Yes, it is the 2006 Model from Carter's.  Since I live in New England I did not get a chance to play it before purchase it.    It sounds like it needs the right set of strings and lots of playing.   It is very sweet in the middle and highs.       I did not try to compare it to my 70ies Monteleone F5 because that produces the most amazing sound.   After playing it for 3 hours the other night I began to really appreciate what it does have, which is quite incredible, and am learning how to bring out its unique sound.    It is a keeper.

----------

DataNick

----------


## Russ Jordan

Officespace---do you remember if the Collings MF5 was varnish or lacquer?

----------


## Atlanta Mando Mike

Yes, Jason Bailey from Birmingham on the right.  He is a good player and a friend of mine.  Not really fair to compare anyone to Andy Leftwich.  Outside of Thile, no one, or at least very few,  have his fluidity and dexterity.

----------


## Atlanta Mando Mike

I played that 2006 Gil at Carters (Barry was referring to me in his earlier post) and I thought the tone exquisite.  And the playability unmatched.

----------


## FLATROCK HILL

> I was blown away when I found a youtube video of Andy playing Big Mon (I didn't embed since it isn't a Gilchrist).


If not a Gilchrist, what is Andy playing in the video?

----------


## Nick Gellie

> Yes, it is the 2006 Model from Carter's.  Since I live in New England I did not get a chance to play it before purchase it.    It sounds like it needs the right set of strings and lots of playing.   It is very sweet in the middle and highs.       I did not try to compare it to my 70ies Monteleone F5 because that produces the most amazing sound.   After playing it for 3 hours the other night I began to really appreciate what it does have, which is quite incredible, and am learning how to bring out its unique sound.    It is a keeper.


Sounds like you are both warming to each other.  We are all hoping that it will become a long-term relationship.

----------

DataNick

----------


## Mandobar

Joe Walsh remarked at a workshop that he bought his Gil and made a commitment to play it for three years before deciding whether or not to keep it.

----------


## dang

> If not a Gilchrist, what is Andy playing in the video?

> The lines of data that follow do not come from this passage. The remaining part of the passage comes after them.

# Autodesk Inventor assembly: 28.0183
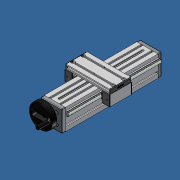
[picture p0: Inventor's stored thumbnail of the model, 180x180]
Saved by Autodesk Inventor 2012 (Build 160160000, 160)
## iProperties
Created: 2007-06
Part Number: 28.0183
Document SubType Name: Assembly
Designer: Andy Moles
Description: ADJUSTING UNIT VEW 90
Author: Andy Moles
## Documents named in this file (19)
- C:\Andys Backup Data\ANDY'S INVENTOR\INVENTOR LIBRARIES\PARTS LIBRARY\READY FOR USE MODULES LG\28.0183 ADJUSTING UNIT VEW 90.iam
- C:\Andys Backup Data\ANDY'S INVENTOR\INVENTOR LIBRARIES\PARTS LIBRARY\FASTENING ELEMENTS\NUTS\21.1351 M8 SQUARE NUT.ipt
- C:\Andys Backup Data\ANDY'S INVENTOR\INVENTOR LIBRARIES\PARTS LIBRARY\READY FOR USE MODULES LG\SUBCOMPONENTS\50.1264 BALL BEARING 10X30X9 6200 2RS DIN 625.ipt
- C:\Andys Backup Data\ANDY'S INVENTOR\INVENTOR LIBRARIES\PARTS LIBRARY\READY FOR USE MODULES LG\SUBCOMPONENTS\28.0204 HANDWHEEL 100mm.iam
- C:\Andys Backup Data\ANDY'S INVENTOR\INVENTOR LIBRARIES\PARTS LIBRARY\READY FOR USE MODULES LG\SUBCOMPONENTS\28.0205 BEARING PLATE 90X90 HANDWHEEL SIDE.ipt
- C:\Andys Backup Data\ANDY'S INVENTOR\INVENTOR LIBRARIES\PARTS LIBRARY\READY FOR USE MODULES LG\SUBCOMPONENTS\28.0206 BEARING PLATE 90X90 IDLER SIDE.ipt
- C:\Andys Backup Data\ANDY'S INVENTOR\INVENTOR LIBRARIES\PARTS LIBRARY\FASTENING ELEMENTS\SCREWS CAP\21.1204 M8X25.ipt
- C:\Andys Backup Data\ANDY'S INVENTOR\INVENTOR LIBRARIES\PARTS LIBRARY\READY FOR USE MODULES LG\SUBCOMPONENTS\28.0216 90x90 rail.iam
- C:\Andys Backup Data\ANDY'S INVENTOR\INVENTOR LIBRARIES\PARTS LIBRARY\READY FOR USE MODULES LG\SUBCOMPONENTS\28.0221 ACME SCREW 16X4.ipt
- C:\Andys Backup Data\ANDY'S INVENTOR\INVENTOR LIBRARIES\PARTS LIBRARY\FASTENING ELEMENTS\WASHERS\21.1326 DISC SPRING 20.ipt
- C:\Andys Backup Data\ANDY'S INVENTOR\INVENTOR LIBRARIES\PARTS LIBRARY\READY FOR USE MODULES LG\SUBCOMPONENTS\28.0225_1 LWG 32X45-90 90X19-NSC.ipt
- C:\Andys Backup Data\ANDY'S INVENTOR\INVENTOR LIBRARIES\PARTS LIBRARY\READY FOR USE MODULES LG\SUBCOMPONENTS\28.0126 SLIDE 45X32.ipt
- C:\Andys Backup Data\ANDY'S INVENTOR\INVENTOR LIBRARIES\PARTS LIBRARY\FASTENING ELEMENTS\SCREWS CAP\21.1200 M8X16.ipt
- C:\Andys Backup Data\ANDY'S INVENTOR\INVENTOR LIBRARIES\PARTS LIBRARY\FASTENING ELEMENTS\SCREWS CAP\21.1235 M5X16.ipt
- C:\Andys Backup Data\ANDY'S INVENTOR\INVENTOR LIBRARIES\PARTS LIBRARY\COMPONENTS LG\22.1094 SLIDE RAIL LG.iam
- C:\Andys Backup Data\ANDY'S INVENTOR\INVENTOR LIBRARIES\PARTS LIBRARY\END CAPS\22.1003_1 END CAP 45x32 Z Gray.iam
- C:\Andys Backup Data\ANDY'S INVENTOR\INVENTOR LIBRARIES\PARTS LIBRARY\END CAPS\22.1014_1 END CAP 90X19 GRAY.ipt
- C:\Andys Backup Data\ANDY'S INVENTOR\INVENTOR LIBRARIES\PARTS LIBRARY\READY FOR USE MODULES LG\SUBCOMPONENTS\28.0257 BRONZE NUT 16X4 NOTCHED.ipt
- C:\Andys Backup Data\ANDY'S INVENTOR\INVENTOR LIBRARIES\PARTS LIBRARY\READY FOR USE MODULES LG\SUBCOMPONENTS\28.0255 Nut slide connector 20.ipt
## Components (40 placed, 18 different names)
1. 28.0216 90x90 rail:1 [sub-assembly] — Flush:4, Mate:14, Mate:15, Mate:17, Angle:2, Angle:3, Flush:5, Flush:6, Flush:7, Mate:18, Flush:8, Angle:13, Mate:28, Angle:15
2. 50.1264 10X30X9 6200 2RS DIN 625 BALL BEARING:1 — Insert:15
3. 50.1264 10X30X9 6200 2RS DIN 625 BALL BEARING:2 — Insert:14, Insert:18
4. 28.0204 HANDWHEEL 100mm:1 [sub-assembly] — Insert:5
5. 28.0205 BEARING PLATE 90X90 HANDWHEEL SIDE:1 — Insert:5, Insert:6, Insert:7, Insert:8, Insert:9, Insert:15, Angle:3, Flush:7, Mate:18, Flush:8, Angle:14
6. 28.0206 BEARING PLATE 90X90 IDLER SIDE:1 — Insert:10, Insert:11, Insert:12, Insert:13, Insert:14, Mate:17, Angle:2, Flush:5, Flush:6
7. 21.1204  M8 x 25:1 — Insert:6
8. 21.1204  M8 x 25:2 — Insert:7
9. 21.1204  M8 x 25:3 — Insert:8
10. 21.1204  M8 x 25:4 — Insert:13
11. 21.1204  M8 x 25:5 — Insert:9
12. 21.1204  M8 x 25:6 — Insert:12
13. 21.1204  M8 x 25:7 — Insert:11
14. 21.1204  M8 x 25:8 — Insert:10
15. 28.0221 ACME SCREW 16X4:1 — Insert:16, Insert:17, Mate:27
16. 21.1326 DISC SPRING 20:1 — Insert:16
17. 21.1326 DISC SPRING 20:2 — Insert:17, Insert:18
18. 28.0225_1 LWG 32X45-90 90X19-NSC:1 — Mate:19, Flush:9, Flush:10, Mate:20, Flush:11, Flush:12, Insert:19, Insert:20, Insert:21, Insert:22, Insert:23, Insert:24, Insert:25, Insert:26, Angle:5, Angle:6, Angle:7, Angle:8, Insert:27, Insert:28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
19. 28.0126 SLIDE 45X32:1 — Mate:19, Flush:9, Flush:10, Mate:23, Flush:14, Mate:24, Insert:29, Insert:31, Angle:11, Angle:12
20. 28.0126 SLIDE 45X32:2 — Mate:20, Flush:11, Flush:12, Mate:21, Flush:13, Mate:22, Insert:30, Insert:32, Angle:9, Angle:10
21. 21.1200 M8 x 16:1 — Insert:19
22. 21.1200 M8 x 16:2 — Insert:20
23. 21.1200 M8 x 16:3 — Insert:22
24. 21.1200 M8 x 16:4 — Insert:21
25. 21.1351 M8 SQUARE NUT:2 — Insert:24, Angle:8
26. 21.1351 M8 SQUARE NUT:3 — Insert:23, Angle:7
27. 21.1351 M8 SQUARE NUT:4 — Insert:25, Angle:6
28. 21.1351 M8 SQUARE NUT:5 — Insert:26, Angle:5
29. 21.1235  M5 x 16:1 — Insert:27
30. 21.1235  M5 x 16:2 — Insert:28
31. 22.1094 SLIDE RAIL LG:1 [sub-assembly] — Mate:21, Flush:13, Mate:22
32. 22.1094 SLIDE RAIL LG:2 [sub-assembly] — Mate:23, Flush:14, Mate:24, Mate:28
33. 22.1003\1 END CAP 45x32 Z Gray:1 [sub-assembly] — Insert:29, Angle:11
34. 22.1003\1 END CAP 45x32 Z Gray:2 [sub-assembly] — Insert:32, Angle:9
35. 22.1003\1 END CAP 45x32 Z Gray:3 [sub-assembly] — Insert:31, Angle:12
36. 22.1003\1 END CAP 45x32 Z Gray:4 [sub-assembly] — Insert:30, Angle:10
37. 22.1014_1 END CAP 90X19 GRAY:1 — Mate:25, Flush:15, Flush:16
38. 22.1014_1 END CAP 90X19 GRAY:2 — Mate:26, Flush:17, Flush:18
39. 28.0257 BRONZE NUT 16X4 NOTCHED:1 — Mate:27, Angle:13, Mate:29
40. 28.0255 Nut slide connector 20:1 — Insert:33, Angle:16, Mate:29
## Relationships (73: Insert 29, Flush 15, Mate 15, Angle 14)
- Insert:5: 28.0204 HANDWHEEL 100mm:1 ↔ 28.0205 BEARING PLATE 90X90 HANDWHEEL SIDE:1
- Insert:6: 28.0205 BEARING PLATE 90X90 HANDWHEEL SIDE:1 ↔ 21.1204  M8 x 25:1
- Insert:7: 28.0205 BEARING PLATE 90X90 HANDWHEEL SIDE:1 ↔ 21.1204  M8 x 25:2
- Insert:8: 28.0205 BEARING PLATE 90X90 HANDWHEEL SIDE:1 ↔ 21.1204  M8 x 25:3
- Insert:9: 28.0205 BEARING PLATE 90X90 HANDWHEEL SIDE:1 ↔ 21.1204  M8 x 25:5
- Insert:10: 28.0206 BEARING PLATE 90X90 IDLER SIDE:1 ↔ 21.1204  M8 x 25:8
- Insert:11: 28.0206 BEARING PLATE 90X90 IDLER SIDE:1 ↔ 21.1204  M8 x 25:7
- Insert:12: 28.0206 BEARING PLATE 90X90 IDLER SIDE:1 ↔ 21.1204  M8 x 25:6
- Insert:13: 28.0206 BEARING PLATE 90X90 IDLER SIDE:1 ↔ 21.1204  M8 x 25:4
- Insert:14: 50.1264 10X30X9 6200 2RS DIN 625 BALL BEARING:2 ↔ 28.0206 BEARING PLATE 90X90 IDLER SIDE:1
- Insert:15: 50.1264 10X30X9 6200 2RS DIN 625 BALL BEARING:1 ↔ 28.0205 BEARING PLATE 90X90 HANDWHEEL SIDE:1
- Flush:4: 28.0216 90x90 rail:1
- Mate:14: 28.0216 90x90 rail:1
- Mate:15: 28.0216 90x90 rail:1
- Mate:17: 28.0216 90x90 rail:1 ↔ 28.0206 BEARING PLATE 90X90 IDLER SIDE:1
- Angle:2: 28.0216 90x90 rail:1 ↔ 28.0206 BEARING PLATE 90X90 IDLER SIDE:1
- Angle:3: 28.0216 90x90 rail:1 ↔ 28.0205 BEARING PLATE 90X90 HANDWHEEL SIDE:1
- Flush:5: 28.0216 90x90 rail:1 ↔ 28.0206 BEARING PLATE 90X90 IDLER SIDE:1
- Flush:6: 28.0216 90x90 rail:1 ↔ 28.0206 BEARING PLATE 90X90 IDLER SIDE:1
- Flush:7: 28.0216 90x90 rail:1 ↔ 28.0205 BEARING PLATE 90X90 HANDWHEEL SIDE:1
- Mate:18: 28.0216 90x90 rail:1 ↔ 28.0205 BEARING PLATE 90X90 HANDWHEEL SIDE:1
- Flush:8: 28.0216 90x90 rail:1 ↔ 28.0205 BEARING PLATE 90X90 HANDWHEEL SIDE:1
- Insert:16: 28.0221 ACME SCREW 16X4:1 ↔ 21.1326 DISC SPRING 20:1
- Insert:17: 28.0221 ACME SCREW 16X4:1 ↔ 21.1326 DISC SPRING 20:2
- Insert:18: 50.1264 10X30X9 6200 2RS DIN 625 BALL BEARING:2 ↔ 21.1326 DISC SPRING 20:2
- Mate:19: 28.0225_1 LWG 32X45-90 90X19-NSC:1 ↔ 28.0126 SLIDE 45X32:1
- Flush:9: 28.0225_1 LWG 32X45-90 90X19-NSC:1 ↔ 28.0126 SLIDE 45X32:1
- Flush:10: 28.0225_1 LWG 32X45-90 90X19-NSC:1 ↔ 28.0126 SLIDE 45X32:1
- Mate:20: 28.0225_1 LWG 32X45-90 90X19-NSC:1 ↔ 28.0126 SLIDE 45X32:2
- Flush:11: 28.0225_1 LWG 32X45-90 90X19-NSC:1 ↔ 28.0126 SLIDE 45X32:2
- Flush:12: 28.0225_1 LWG 32X45-90 90X19-NSC:1 ↔ 28.0126 SLIDE 45X32:2
- Insert:19: 28.0225_1 LWG 32X45-90 90X19-NSC:1 ↔ 21.1200 M8 x 16:1
- Insert:20: 28.0225_1 LWG 32X45-90 90X19-NSC:1 ↔ 21.1200 M8 x 16:2
- Insert:21: 28.0225_1 LWG 32X45-90 90X19-NSC:1 ↔ 21.1200 M8 x 16:4
- Insert:22: 28.0225_1 LWG 32X45-90 90X19-NSC:1 ↔ 21.1200 M8 x 16:3
- Insert:23: 28.0225_1 LWG 32X45-90 90X19-NSC:1 ↔ 21.1351 M8 SQUARE NUT:3
- Insert:24: 28.0225_1 LWG 32X45-90 90X19-NSC:1 ↔ 21.1351 M8 SQUARE NUT:2
- Insert:25: 28.0225_1 LWG 32X45-90 90X19-NSC:1 ↔ 21.1351 M8 SQUARE NUT:4
- Insert:26: 28.0225_1 LWG 32X45-90 90X19-NSC:1 ↔ 21.1351 M8 SQUARE NUT:5
- Angle:5: 28.0225_1 LWG 32X45-90 90X19-NSC:1 ↔ 21.1351 M8 SQUARE NUT:5
- Angle:6: 28.0225_1 LWG 32X45-90 90X19-NSC:1 ↔ 21.1351 M8 SQUARE NUT:4
- Angle:7: 28.0225_1 LWG 32X45-90 90X19-NSC:1 ↔ 21.1351 M8 SQUARE NUT:3
- Angle:8: 28.0225_1 LWG 32X45-90 90X19-NSC:1 ↔ 21.1351 M8 SQUARE NUT:2
- Insert:27: 28.0225_1 LWG 32X45-90 90X19-NSC:1 ↔ 21.1235  M5 x 16:1
- Insert:28: 28.0225_1 LWG 32X45-90 90X19-NSC:1 ↔ 21.1235  M5 x 16:2
- Mate:21: 28.0126 SLIDE 45X32:2 ↔ 22.1094 SLIDE RAIL LG:1
- Flush:13: 28.0126 SLIDE 45X32:2 ↔ 22.1094 SLIDE RAIL LG:1
- Mate:22: 28.0126 SLIDE 45X32:2 ↔ 22.1094 SLIDE RAIL LG:1
- Mate:23: 28.0126 SLIDE 45X32:1 ↔ 22.1094 SLIDE RAIL LG:2
- Flush:14: 28.0126 SLIDE 45X32:1 ↔ 22.1094 SLIDE RAIL LG:2
- Mate:24: 28.0126 SLIDE 45X32:1 ↔ 22.1094 SLIDE RAIL LG:2
- Insert:29: 28.0126 SLIDE 45X32:1 ↔ 22.1003\1 END CAP 45x32 Z Gray:1
- Insert:30: 28.0126 SLIDE 45X32:2 ↔ 22.1003\1 END CAP 45x32 Z Gray:4
- Insert:31: 28.0126 SLIDE 45X32:1 ↔ 22.1003\1 END CAP 45x32 Z Gray:3
- Insert:32: 28.0126 SLIDE 45X32:2 ↔ 22.1003\1 END CAP 45x32 Z Gray:2
- Angle:9: 28.0126 SLIDE 45X32:2 ↔ 22.1003\1 END CAP 45x32 Z Gray:2
- Angle:10: 28.0126 SLIDE 45X32:2 ↔ 22.1003\1 END CAP 45x32 Z Gray:4
- Angle:11: 28.0126 SLIDE 45X32:1 ↔ 22.1003\1 END CAP 45x32 Z Gray:1
- Angle:12: 28.0126 SLIDE 45X32:1 ↔ 22.1003\1 END CAP 45x32 Z Gray:3
- Mate:25: 28.0225_1 LWG 32X45-90 90X19-NSC:1 ↔ 22.1014_1 END CAP 90X19 GRAY:1
- Flush:15: 28.0225_1 LWG 32X45-90 90X19-NSC:1 ↔ 22.1014_1 END CAP 90X19 GRAY:1
- Flush:16: 28.0225_1 LWG 32X45-90 90X19-NSC:1 ↔ 22.1014_1 END CAP 90X19 GRAY:1
- Mate:26: 28.0225_1 LWG 32X45-90 90X19-NSC:1 ↔ 22.1014_1 END CAP 90X19 GRAY:2
- Flush:17: 28.0225_1 LWG 32X45-90 90X19-NSC:1 ↔ 22.1014_1 END CAP 90X19 GRAY:2
- Flush:18: 28.0225_1 LWG 32X45-90 90X19-NSC:1 ↔ 22.1014_1 END CAP 90X19 GRAY:2
- Mate:27: 28.0221 ACME SCREW 16X4:1 ↔ 28.0257 BRONZE NUT 16X4 NOTCHED:1
- Angle:13: 28.0216 90x90 rail:1 ↔ 28.0257 BRONZE NUT 16X4 NOTCHED:1
- Angle:14: 28.0205 BEARING PLATE 90X90 HANDWHEEL SIDE:1 ↔ 28.0225_1 LWG 32X45-90 90X19-NSC:1
- Mate:28: 28.0216 90x90 rail:1 ↔ 22.1094 SLIDE RAIL LG:2
- Angle:15: 28.0216 90x90 rail:1 ↔ 28.0225_1 LWG 32X45-90 90X19-NSC:1
- Insert:33: 28.0225_1 LWG 32X45-90 90X19-NSC:1 ↔ 28.0255 Nut slide connector 20:1
- Angle:16: 28.0225_1 LWG 32X45-90 90X19-NSC:1 ↔ 28.0255 Nut slide connector 20:1
- Mate:29: 28.0257 BRONZE NUT 16X4 NOTCHED:1 ↔ 28.0255 Nut slide connector 20:1

Not sure, I can't quite make it out... Maybe a Gilchrist?

----------

FLATROCK HILL

----------


## sgarrity

> Not Shaun, but the answer is yes to more Loarish.  I wouldn't say they are brighter, I would say they have more clarity and articulation.  Steve is building for a mid-range punch that will cut across a group.  He also believes that the mid-range has to be there as new and the bottom and the top get played in.  After he finished the Carmel order list, he was free to build more to his spec which has been a pursuit to the sound of instruments like Grisman's '22 Loar, Crusher.  The few newer Gils I've played, I would call tight out of the box, but they bloom with play.  I put heavier A and E strings on mine and it was like adding a power booster.  It still needs more picking, but that's the fun part.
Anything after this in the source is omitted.